Data Engineer
Summary
As a Data Engineer on the Credit Platform Data team, you will play a crucial role in building and enhancing tools for data processing, enabling internal business units to leverage data efficiently. This position is vital for ensuring that our data systems are robust, scalable, and reliable, allowing the organization to make data-driven decisions. You will be responsible for designing, building, and maintaining data pipelines and ETL processes, collaborating with various stakeholders to understand their data requirements, and implementing solutions that meet business needs.
Responsibilities
- Designing, Building, and Maintaining Data Pipelines: Create robust ETL processes to ingest, transform, and load data from various sources into the data warehouse, ensuring data is readily available for analysis.

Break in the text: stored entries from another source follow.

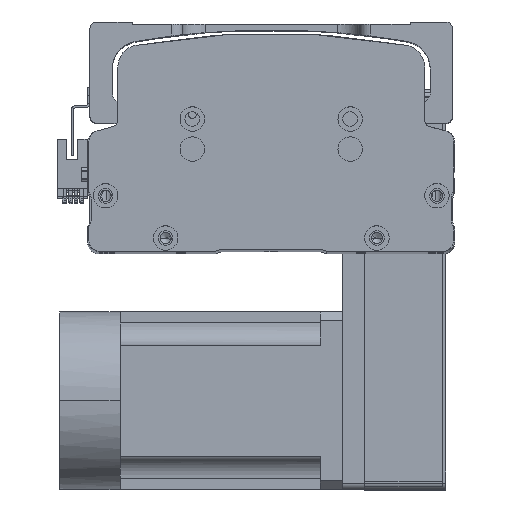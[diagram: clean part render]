
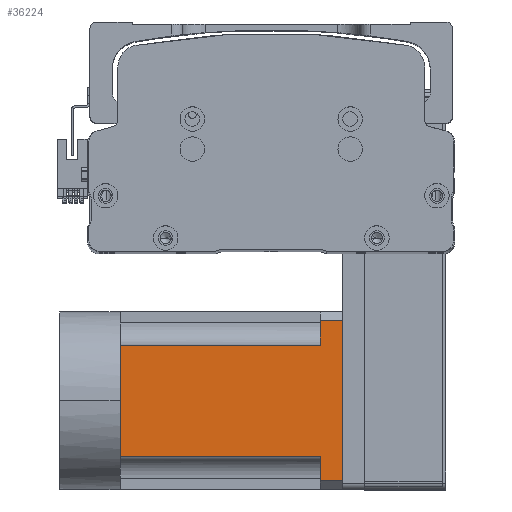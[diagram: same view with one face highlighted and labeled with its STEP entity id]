
A CAD part, top view. The second image highlights one B-rep face of the part: STEP entity #36224.
In plain terms, the highlighted planar face has unit normal (0, 0, 1) as drawn and (0, 0, -1) by its records, which use the part's own axes.
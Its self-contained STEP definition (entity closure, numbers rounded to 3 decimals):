
#414 = EDGE_CURVE ( 'NONE', #51717, #15665, #13777, .T. ) ;
#504 = LINE ( 'NONE', #57413, #36897 ) ;
#574 = DIRECTION ( 'NONE',  ( -1., 0., 0. ) ) ;
#1403 = VERTEX_POINT ( 'NONE', #61450 ) ;
#2310 = LINE ( 'NONE', #29611, #60964 ) ;
#2679 = FACE_OUTER_BOUND ( 'NONE', #40566, .T. ) ;
#2966 = CARTESIAN_POINT ( 'NONE',  ( 36., 100., -40. ) ) ;
#2976 = ORIENTED_EDGE ( 'NONE', *, *, #44385, .T. ) ;
#3383 = DIRECTION ( 'NONE',  ( -1., 0., 0. ) ) ;
#3410 = CARTESIAN_POINT ( 'NONE',  ( 36., -27., -40. ) ) ;
#4050 = ORIENTED_EDGE ( 'NONE', *, *, #23111, .T. ) ;
#5727 = DIRECTION ( 'NONE',  ( -1., 0., 0. ) ) ;
#7888 = ORIENTED_EDGE ( 'NONE', *, *, #41141, .T. ) ;
#8653 = VECTOR ( 'NONE', #42282, 1000. ) ;
#9452 = EDGE_CURVE ( 'NONE', #58694, #1403, #29090, .T. ) ;
#9523 = CARTESIAN_POINT ( 'NONE',  ( -36., 90., -40. ) ) ;
#9900 = ORIENTED_EDGE ( 'NONE', *, *, #47224, .F. ) ;
#10166 = LINE ( 'NONE', #56582, #8653 ) ;
#11077 = DIRECTION ( 'NONE',  ( -1., 0., 0. ) ) ;
#11277 = VECTOR ( 'NONE', #11077, 1000. ) ;
#11723 = CARTESIAN_POINT ( 'NONE',  ( 36., 90., -40. ) ) ;
#12458 = PLANE ( 'NONE',  #59936 ) ;
#13777 = LINE ( 'NONE', #34242, #23416 ) ;
#13809 = VECTOR ( 'NONE', #3383, 1000. ) ;
#15291 = LINE ( 'NONE', #50732, #13809 ) ;
#15665 = VERTEX_POINT ( 'NONE', #41672 ) ;
#17229 = DIRECTION ( 'NONE',  ( -1., 0., 0. ) ) ;
#22003 = VERTEX_POINT ( 'NONE', #34360 ) ;
#23111 = EDGE_CURVE ( 'NONE', #55039, #22003, #10166, .T. ) ;
#23416 = VECTOR ( 'NONE', #5727, 1000. ) ;
#23554 = EDGE_CURVE ( 'NONE', #45704, #54558, #15291, .T. ) ;
#26587 = CARTESIAN_POINT ( 'NONE',  ( -40., -27., -40. ) ) ;
#28381 = LINE ( 'NONE', #53614, #11277 ) ;
#28423 = ORIENTED_EDGE ( 'NONE', *, *, #23554, .T. ) ;
#29090 = LINE ( 'NONE', #51562, #51334 ) ;
#29433 = LINE ( 'NONE', #29831, #40550 ) ;
#29611 = CARTESIAN_POINT ( 'NONE',  ( 25., -27., -40. ) ) ;
#29831 = CARTESIAN_POINT ( 'NONE',  ( -40., 100., -40. ) ) ;
#31897 = DIRECTION ( 'NONE',  ( 0., -1., 0. ) ) ;
#34242 = CARTESIAN_POINT ( 'NONE',  ( -40., 0., -40. ) ) ;
#34360 = CARTESIAN_POINT ( 'NONE',  ( -25., 90., -40. ) ) ;
#34427 = DIRECTION ( 'NONE',  ( 0., -1., 0. ) ) ;
#34623 = DIRECTION ( 'NONE',  ( -1., 0., 0. ) ) ;
#36224 = ADVANCED_FACE ( 'NONE', ( #2679 ), #12458, .T. ) ;
#36703 = ORIENTED_EDGE ( 'NONE', *, *, #47138, .T. ) ;
#36897 = VECTOR ( 'NONE', #574, 1000. ) ;
#39351 = LINE ( 'NONE', #3410, #50434 ) ;
#40550 = VECTOR ( 'NONE', #34623, 1000. ) ;
#40566 = EDGE_LOOP ( 'NONE', ( #9900, #52982, #28423, #2976, #58901, #7888, #4050, #36703, #57148 ) ) ;
#41141 = EDGE_CURVE ( 'NONE', #15665, #55039, #28381, .T. ) ;
#41552 = CARTESIAN_POINT ( 'NONE',  ( -25., 0., -40. ) ) ;
#41672 = CARTESIAN_POINT ( 'NONE',  ( 0., 0., -40. ) ) ;
#42282 = DIRECTION ( 'NONE',  ( 0., 1., 0. ) ) ;
#44385 = EDGE_CURVE ( 'NONE', #54558, #51717, #2310, .T. ) ;
#45696 = DIRECTION ( 'NONE',  ( 0., 0., -1. ) ) ;
#45704 = VERTEX_POINT ( 'NONE', #11723 ) ;
#47138 = EDGE_CURVE ( 'NONE', #22003, #58694, #504, .T. ) ;
#47224 = EDGE_CURVE ( 'NONE', #59626, #1403, #29433, .T. ) ;
#48506 = EDGE_CURVE ( 'NONE', #59626, #45704, #39351, .T. ) ;
#50434 = VECTOR ( 'NONE', #31897, 1000. ) ;
#50732 = CARTESIAN_POINT ( 'NONE',  ( -40., 90., -40. ) ) ;
#51078 = CARTESIAN_POINT ( 'NONE',  ( 25., 0., -40. ) ) ;
#51334 = VECTOR ( 'NONE', #61327, 1000. ) ;
#51562 = CARTESIAN_POINT ( 'NONE',  ( -36., -27., -40. ) ) ;
#51717 = VERTEX_POINT ( 'NONE', #51078 ) ;
#52982 = ORIENTED_EDGE ( 'NONE', *, *, #48506, .T. ) ;
#53404 = CARTESIAN_POINT ( 'NONE',  ( 25., 90., -40. ) ) ;
#53614 = CARTESIAN_POINT ( 'NONE',  ( -40., 0., -40. ) ) ;
#54558 = VERTEX_POINT ( 'NONE', #53404 ) ;
#55039 = VERTEX_POINT ( 'NONE', #41552 ) ;
#56582 = CARTESIAN_POINT ( 'NONE',  ( -25., -27., -40. ) ) ;
#57148 = ORIENTED_EDGE ( 'NONE', *, *, #9452, .T. ) ;
#57413 = CARTESIAN_POINT ( 'NONE',  ( -40., 90., -40. ) ) ;
#58694 = VERTEX_POINT ( 'NONE', #9523 ) ;
#58901 = ORIENTED_EDGE ( 'NONE', *, *, #414, .T. ) ;
#59626 = VERTEX_POINT ( 'NONE', #2966 ) ;
#59936 = AXIS2_PLACEMENT_3D ( 'NONE', #26587, #45696, #17229 ) ;
#60964 = VECTOR ( 'NONE', #34427, 1000. ) ;
#61327 = DIRECTION ( 'NONE',  ( 0., 1., 0. ) ) ;
#61450 = CARTESIAN_POINT ( 'NONE',  ( -36., 100., -40. ) ) ;
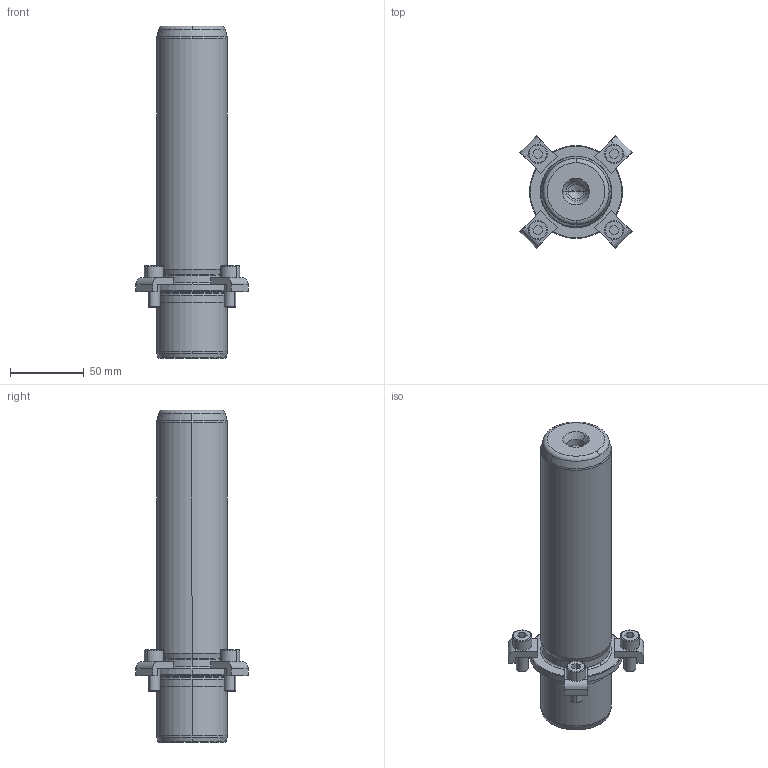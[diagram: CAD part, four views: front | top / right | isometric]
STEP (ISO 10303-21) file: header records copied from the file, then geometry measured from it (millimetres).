
FILE_DESCRIPTION((''),'2;1');
FILE_NAME('P21_048_180.stp','2008-12-23T13:38:17',(''),(''),'Mechanical Desktop 2009','Mechanical Desktop 2009',', , ');
FILE_SCHEMA(('CONFIG_CONTROL_DESIGN'));
Length unit declared in the file: millimetre
Products named in the file (2): Product; blmdl1
Assembly tree (1 placements, depth 2):
  Product
    blmdl1
Bounding box: 76.01 x 76.01 x 225 mm (x, y, z)
Volume: 416222.4 mm3; surface area: 51345 mm2
Topology: 9 solids, 9 shells, 195 faces, 477 edges, 309 vertices
Faces by surface type: plane 77, cylinder 52, cone 34, torus 16, bspline 16
Entity records: 6547 total; most frequent: CARTESIAN_POINT 1683, DIRECTION 1078, ORIENTED_EDGE 946, EDGE_CURVE 473, AXIS2_PLACEMENT_3D 424, VERTEX_POINT 309, CIRCLE 243, VECTOR 230
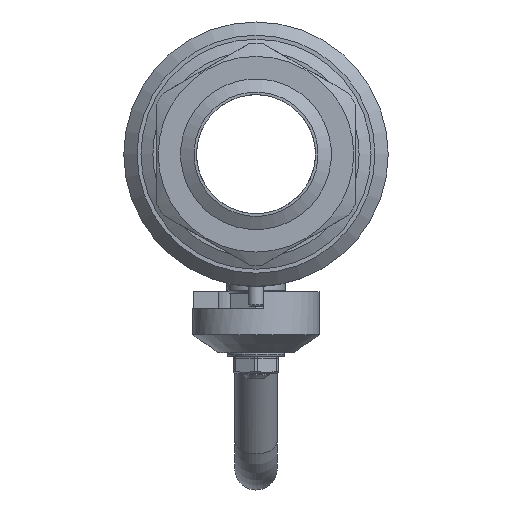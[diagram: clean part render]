
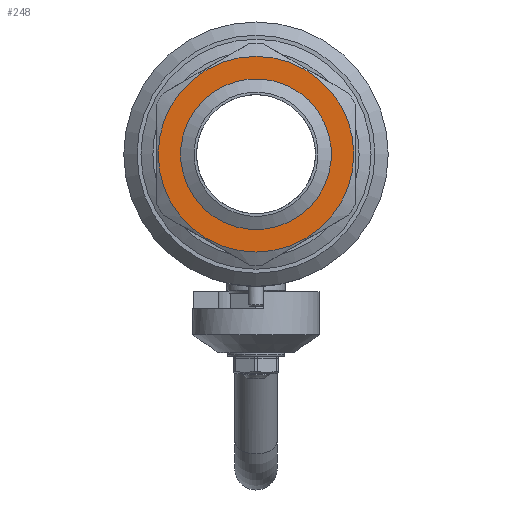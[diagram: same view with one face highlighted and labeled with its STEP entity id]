
A CAD part, left-side view. The second image highlights one B-rep face of the part: STEP entity #248.
In plain terms, the highlighted planar face has unit normal (-1, 0, 0).
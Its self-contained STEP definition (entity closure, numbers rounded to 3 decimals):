
#248=ADVANCED_FACE('',(#2059,#2061),#2063,.T.);
#2059=FACE_BOUND('',#2060,.T.);
#2060=EDGE_LOOP('',(#3308));
#2061=FACE_OUTER_BOUND('',#2062,.T.);
#2062=EDGE_LOOP('',(#3309));
#2063=PLANE('',#2064);
#2064=AXIS2_PLACEMENT_3D('',#2065,#2066,#2067);
#2065=CARTESIAN_POINT('',(-109.,0.,0.));
#2066=DIRECTION('',(-1.,0.,0.));
#2067=DIRECTION('',(0.,0.866,0.5));
#3308=ORIENTED_EDGE('',*,*,#4510,.F.);
#3309=ORIENTED_EDGE('',*,*,#4501,.F.);
#4501=EDGE_CURVE('',#5161,#5161,#5163,.T.);
#4510=EDGE_CURVE('',#5177,#5177,#5178,.T.);
#5161=VERTEX_POINT('',#8719);
#5163=CIRCLE('',#8723,37.);
#5177=VERTEX_POINT('',#8762);
#5178=CIRCLE('',#8763,28.5);
#8719=CARTESIAN_POINT('',(-109.,32.043,18.5));
#8723=AXIS2_PLACEMENT_3D('',#8724,#8725,#8726);
#8724=CARTESIAN_POINT('',(-109.,0.,0.));
#8725=DIRECTION('',(1.,0.,0.));
#8726=DIRECTION('',(0.,0.866,0.5));
#8762=CARTESIAN_POINT('',(-109.,-28.401,-2.379));
#8763=AXIS2_PLACEMENT_3D('',#8764,#8765,#8766);
#8764=CARTESIAN_POINT('',(-109.,0.,0.));
#8765=DIRECTION('',(-1.,0.,0.));
#8766=DIRECTION('',(0.,-0.997,-0.083));

- Collaboration: Work closely with product managers, analysts, and other stakeholders to gather data requirements and develop solutions that accommodate large volumes of data.
- System Reliability and Scalability: Monitor the performance of data systems, ensuring their reliability, availability, and scalability. Optimize systems as needed to handle increasing data loads.
- Data Quality Assurance: Implement automated data quality checks and validation processes to ensure the integrity and accuracy of data at scale.
- Troubleshooting: Quickly identify and resolve data-related issues by determining root causes and implementing effective solutions.
- Documentation: Create design documents and maintain documentation for data pipelines, systems, and processes to ensure clarity and continuity.
- Code and Design Reviews: Actively participate in design and code reviews to uphold high-quality standards and best practices.
- Continuous Learning: Stay current with emerging technologies in the field of data engineering to recommend improvements that support scalability and growth.
Requirements
Must-Have Skills
- SQL: Proficiency in SQL is essential for querying and managing relational databases, enabling effective data manipulation and retrieval.
- ETL Processes: Strong experience in designing and implementing ETL processes to ensure efficient data flow from source systems to data warehouses.
- Scripting Languages (Python): Expertise in Python for data manipulation, automation, and integration tasks, allowing for efficient data processing and pipeline management.
- PySpark: Proficiency in PySpark for distributed data processing, enabling the handling of large datasets effectively.
- Data Processing Libraries: Familiarity with libraries such as Pandas for data manipulation and analysis, enhancing data processing capabilities.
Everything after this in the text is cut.